# Streaking Austin Toros Rally to beat the Rio Grande Valley Vipers



## truebluefan (May 27, 2002)

Malik Hairston scored 22 points as the Austin Toros rallied in the fourth quarter to defeat the Rio Grande Valley Vipers 102-89 on Sunday afternoon at the Austin Convention Center.Hairston scored 8 points in the fourth quarter including connecting on 2-of-2 from behind the 3-point line. Hairston hit both of his 3-point baskets during a 10-2 run in the fourth quarter, which opened up the game after being tied at 78-78.
"We did a great job in the second half defensively that carried over to the offensive end," Toros head coach Quin Snyder said. "It was a tough game to have before Christmas but now we can enjoy the holidays."
With the victory over Rio Grande Valley, the Toros push their winning streak to six games overall and four in a row at the Austin Convention Center. Austin improved to 8-3 on the season.

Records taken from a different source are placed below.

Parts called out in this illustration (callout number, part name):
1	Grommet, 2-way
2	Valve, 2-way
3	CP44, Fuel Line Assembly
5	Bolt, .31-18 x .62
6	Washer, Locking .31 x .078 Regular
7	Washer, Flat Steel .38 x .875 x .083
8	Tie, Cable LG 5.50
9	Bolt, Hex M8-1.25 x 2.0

Austin trailed by 15 points in the third quarter after a poor first half shooting performance. The Toros shot 34.8% from the floor and didn't connect on a single 3-point shot on eight attempts.

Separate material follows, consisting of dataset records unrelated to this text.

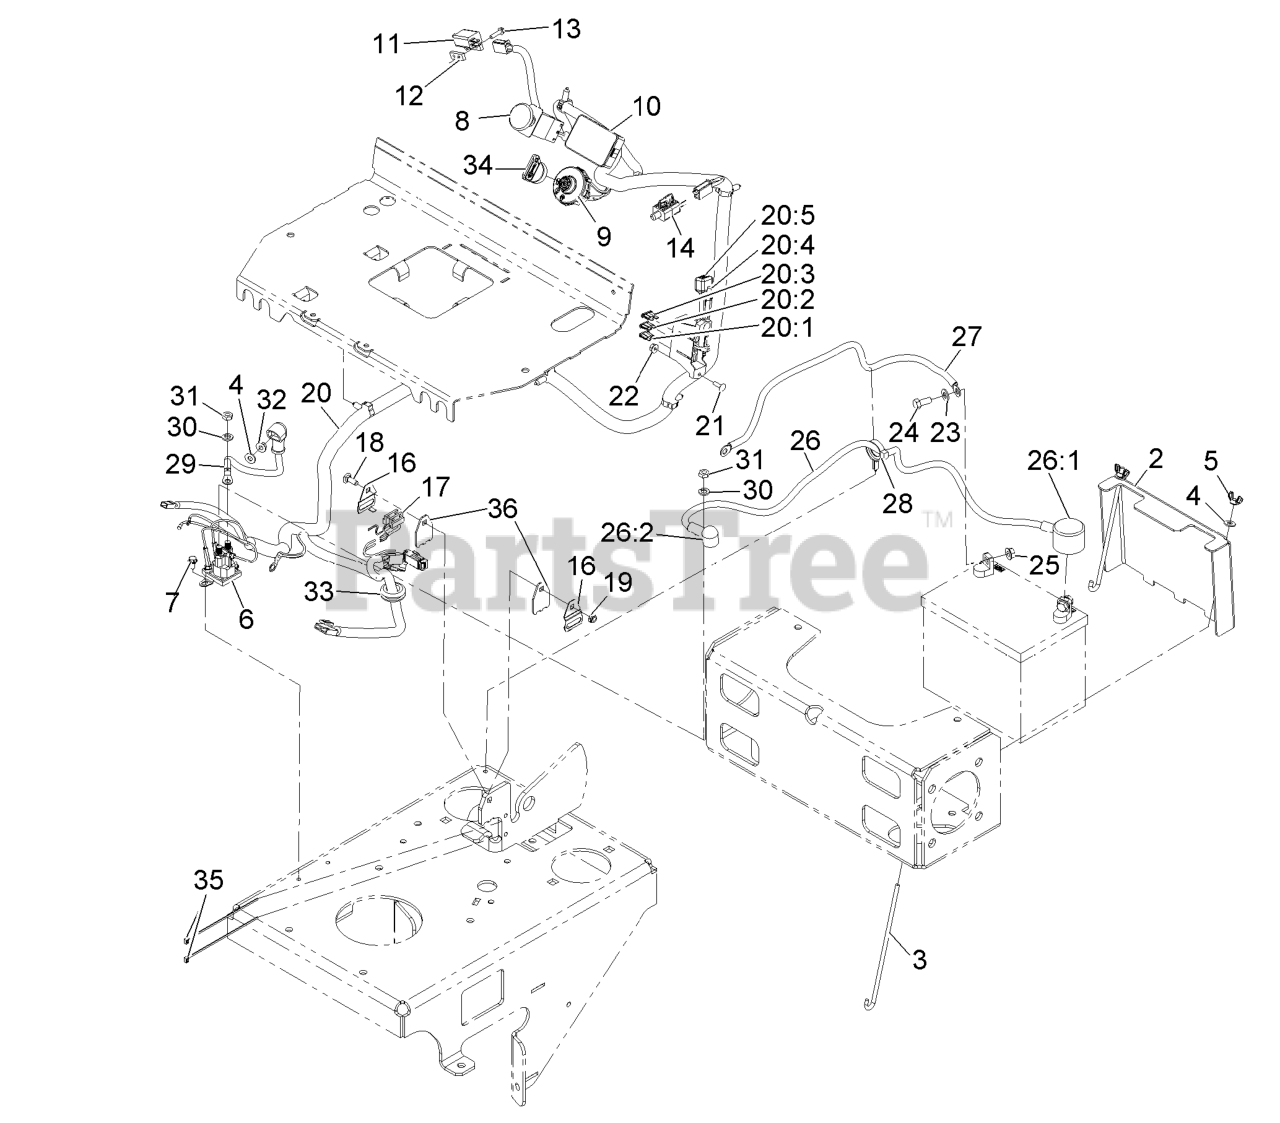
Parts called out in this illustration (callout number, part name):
2	COVER-BATTERY
3	BOLT-HOLDDOWN
4	WASHER-FLAT
5	WINGNUT
6	SOLENOID
7	SCREW-HWH
8	SWITCH-PTO, ON-ON
10	MODULE-HOUR METER
11	SWITCH-CLOSED, NORMALLY
12	PLATE-TAPPED
13	SCREW-HWH
14	SWITCH-PLUNGER, NC, SPST
16	CLAMP-SWITCH
17	HARNESS-SWITCH, REED
18	BOLT-CARR
19	NUT-LOCK, NI
20	HARNESS-WIRE
20:1	FUSE-BLADE, 30 AMP
20:2	FUSE-BLADE, 25 AMP
20:3	FUSE-BLADE, 10 AMP
20:4	CAP-PLUG
21	SCREW-CARR
23	WASHER-PLAIN
24	SCREW-HH
25	NUT-HHF, SMOOTH
26	ASM,POSITIVE BATTERY CABL
26:1	INSULATOR-BATTERY
26:2	INSULATOR-SOLENOID
27	CABLE-BATTERY, NEGATIVE
28	CLAMP-HOSE
29	CABLE-BATTERY, RED
30	WASHER-LOCK
31	NUT-JAM
33	GROMMET
34	KEY-IGNITION
35	TIE-CABLE
36	PLATE-SPACER
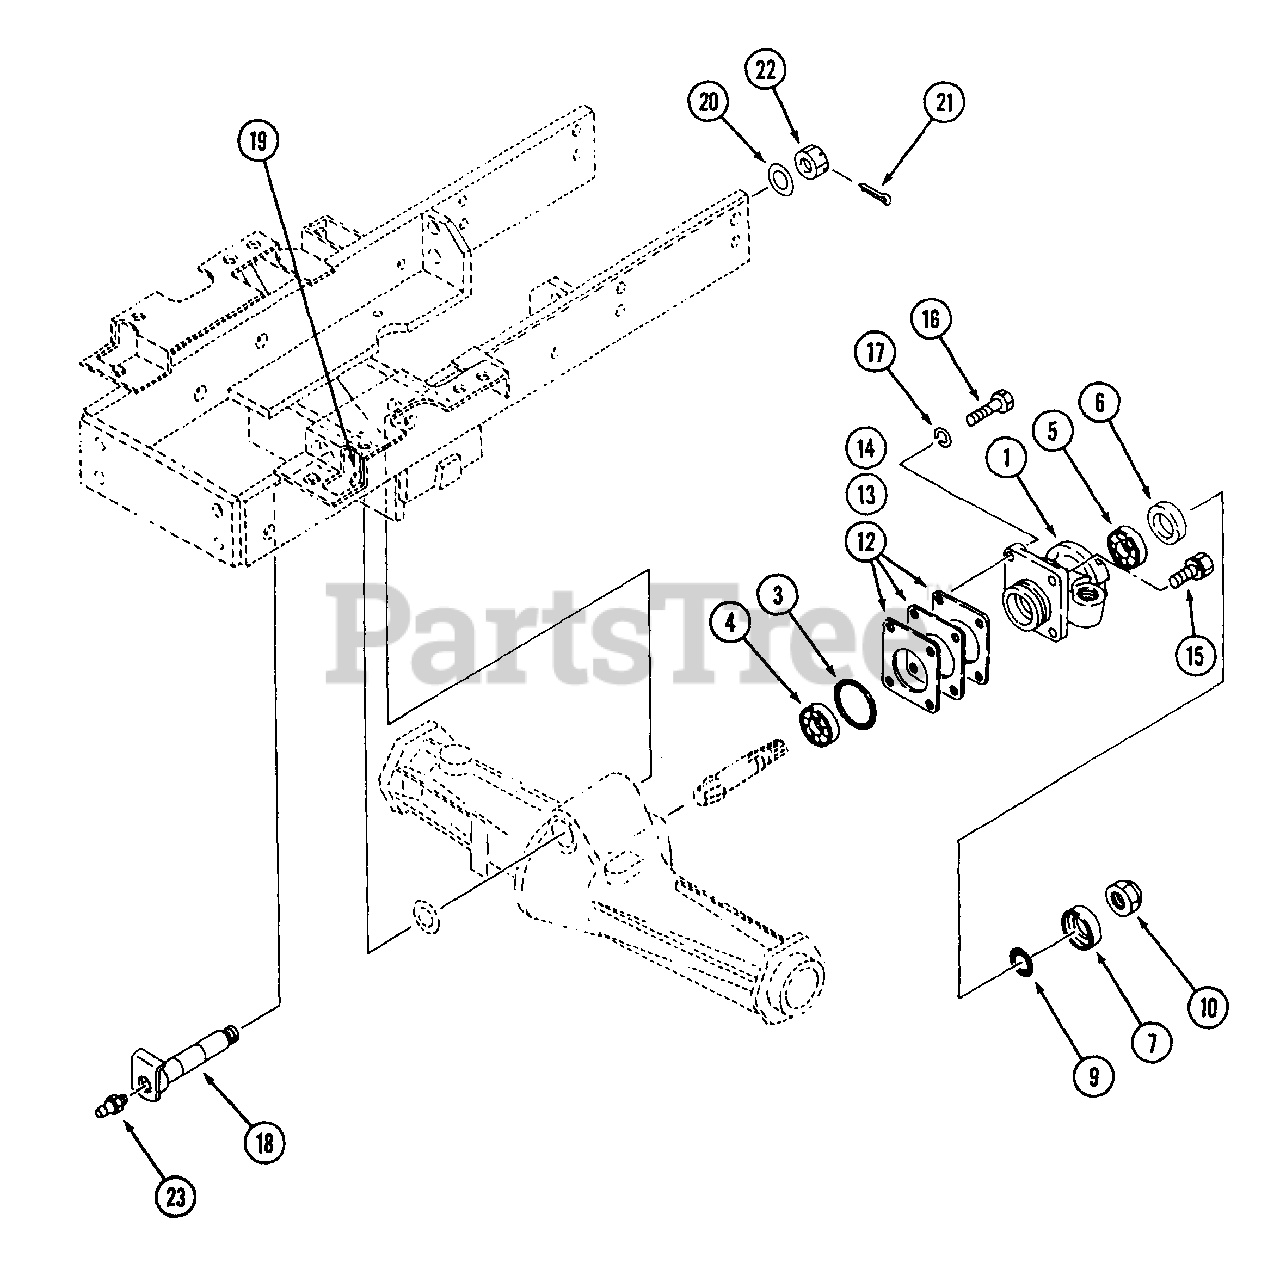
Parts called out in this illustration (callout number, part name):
18	Pin, Center
19	Washer
23	Nipple, Grease

Four of the starters for Austin scored in double figures including Andre Brown with 22 points, Marcus Williams with 21 and Charles Gaines with 15. Brown added a team-high and season high 14 rebounds.
Smush Parker led Rio Grande Valley in scoring with 23 points on 6-of-14 shooting. Trent Strickland scored 19 points and Alpha Bangura had 17 for the Vipers, who fall to 5-7 on the season.


----------